Interview Material: What's the deal with Linked Lists?

Hello! I'm going to start a series on my blog (well, technically it will be all that's here as of now) where I go over a lot of the information one needs for a Software Engineering job interview. My first post in the series will be going over Linked Lists, their uses and how to implement them in Java. So, let's start then!

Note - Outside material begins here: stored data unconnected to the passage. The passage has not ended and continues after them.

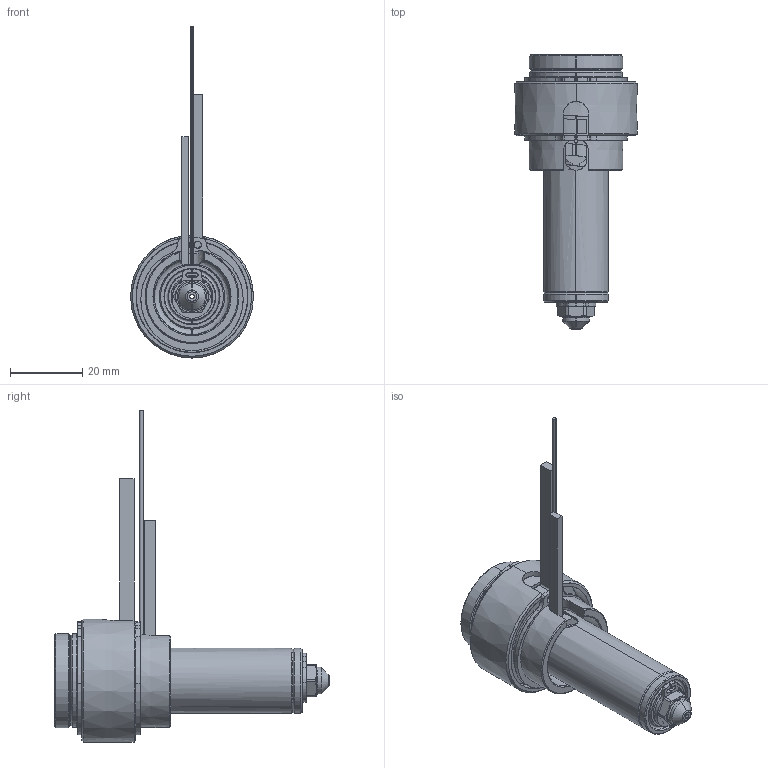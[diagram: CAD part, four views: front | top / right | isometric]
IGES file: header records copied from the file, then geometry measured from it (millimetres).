
Start section: SolidWorks IGES file using analytic representation for surfaces
Global section: file name: C:\Documents and Settings\ws-20\Desktop\TEM\UGER2501-S-A-0 [Øb-1.30 ØC-4.0].IGS; native system: SolidWorks 2012; preprocessor: SolidWorks 2012; author: ws-20; date: 120405.101634; units: millimetre
Bounding box: 34 x 75.9 x 91.9 mm (x, y, z)
Surface area: 21130.6 mm2 (no closed solid volume)
Topology: 0 solids, 0 shells, 203 faces, 2749 edges, 2749 vertices
Faces by surface type: revolution 128, bspline 75
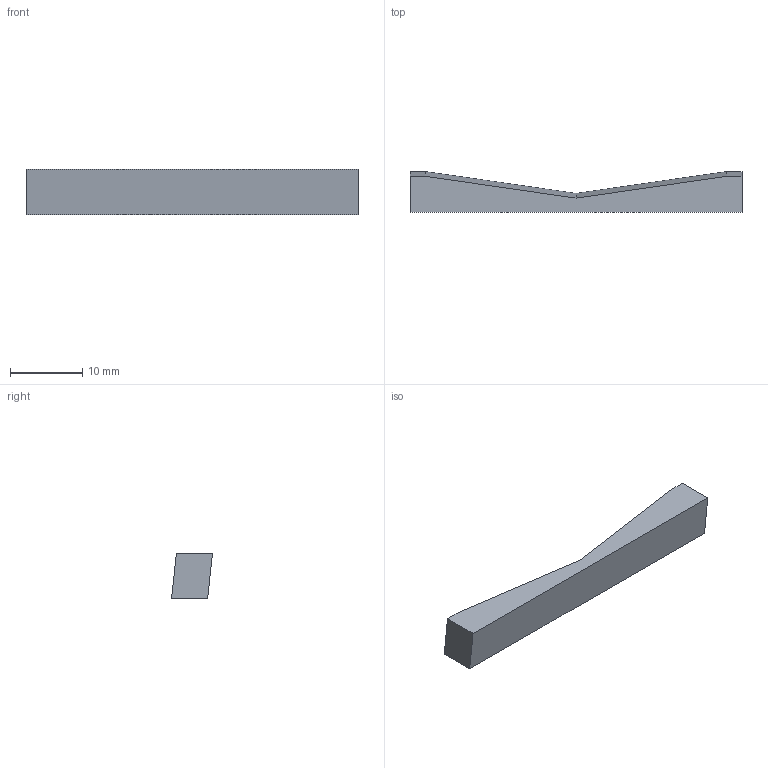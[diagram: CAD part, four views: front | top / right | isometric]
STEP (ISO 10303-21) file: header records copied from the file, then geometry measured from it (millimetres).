
FILE_DESCRIPTION(('Open CASCADE Model'),'2;1');
FILE_NAME('Open CASCADE Shape Model','2026-10-15T18:58:36',('Author'),( 'Open CASCADE'),'Open CASCADE STEP processor 7.9','Open CASCADE 7.9' ,'Unknown');
FILE_SCHEMA(('AUTOMOTIVE_DESIGN { 1 0 10303 214 1 1 1 1 }'));
Length unit declared in the file: millimetre
Products named in the file (1): Open CASCADE STEP translator 7.9 19
Bounding box: 46 x 5.67 x 6.33 mm (x, y, z)
Volume: 1057 mm3; surface area: 985.7 mm2
Topology: 1 solids, 1 shells, 9 faces, 21 edges, 14 vertices
Faces by surface type: plane 9
Entity records: 538 total; most frequent: CARTESIAN_POINT 87, DIRECTION 83, LINE 63, VECTOR 63, ORIENTED_EDGE 42, PCURVE 42, DEFINITIONAL_REPRESENTATION 42, EDGE_CURVE 21

What exactly are Linked Lists, you say?

In computer science, there are many abstract data types that are used to store and access data. One of these numerous abstract data types (which will be referred to as ADT from now on) is a Linked List. A Linked List is a pretty fundamental concept that most applicants should understand. The structure is pretty simple and can be summarized in a bullet-point list:

A collection of "nodes" that point to each other, where the last node points to NULL
Usually, the structure comes in 2 types, a singly linked list or a doubly linked list

Singly linked lists only have one entry point, and it's usually the "head" (or first) element

Usually, each node only points to the next node

Doubly linked lists have a head and a tale element so the list can be accessed from either side

Each node can point to the previous and the next one, allowing you to traverse the list from the tail

Inserting takes O(1) time for doubly linked lists or O(n) time for singly linked lists, while inserting in place takes O(n) time.
Likewise, deleting the head (or tail in a doubly linked list) takes O(1) time while deleting in place is O(n)
Searching the structure for a node takes O(n) time
Memory-wise, the structure only takes up roughly O(n) space.

Alright, so let's discuss these runtimes. To have an example on hand, we'll use the following diagram as a representation of a singly linked list. Please not that the bolded integer is the head and the arrows are pointers to the next node.

5 -> 4 -> 11 -> 32 -> 2 -> 15 -> 4 -> NULL

First, I mentioned insertion. Insertion's runtime is all based on the linked list's implementation. If the implementation uses a tail node (doubly linked list), then insertion is just pointing the tail node to the new node and then swapping them. This should take constant time. To insert a node in a singly linked list, the structure has to go through all of the nodes until it gets to null and then appends the new node. This would obviously be in O(n) time.

Next, I mentioned deletion. Deletion's runtime is O(1) because it usually is implemented as removing the head or tail node, which would be O(1) time. To accomplish tail-end deletion, you would write a function that points the tail node's previous node's next node to NULL (say THAT 10x fast!). Though, deletion of a certain node would involve traversing to that node in the list, and then set the previous node's next node to its next node's next node. Yeah. Head hurting yet? Here's sample code on how to delete a specified value:

public Node deleteNode( Node head, int data) {
Node n = head;
if (n.data == data) {
return head.next; //Return LL without head node
}
while (n.next != null) {
if (n.next.data == data) {
n.next = n.next.next; //Delete n.next, which is the node we want
return head;
}
n = n.next;
}
return head;
}

Now, we went over a bit of searching in the code up there. If you remember, I noted that it's runtime is O(n). If you see how we traversed the linked list above, you would notice that we have to go to every node looking for a certain value. The worst case scenario in searching an n-long list for a value d is that d is at the end. That means we would have to go through the entire length of the list, which means search is dependent on the length of the list. Therefore, search is O(n).

Great, I understand how to implement one, but why?

Linked lists aren't inherently useful, themselves, but are useful in implementing other data structures. Both stacks and queues are often implemented using linked lists as their underlying structures. Also, a hash table can use a linked List to store the chain of items associated with the same hash value. Please note that these are just a few example usages of linked lists and are hardly the only use cases!

I realize I haven't implemented the entire class for a linked list, but I promise I'll upload the code soon! I'm trying to figure out how to upload code to Blogger without it looking insane, so hopefully there's a solution and it'll be up soon! Thanks for reading my first post, I hope to have many more soon!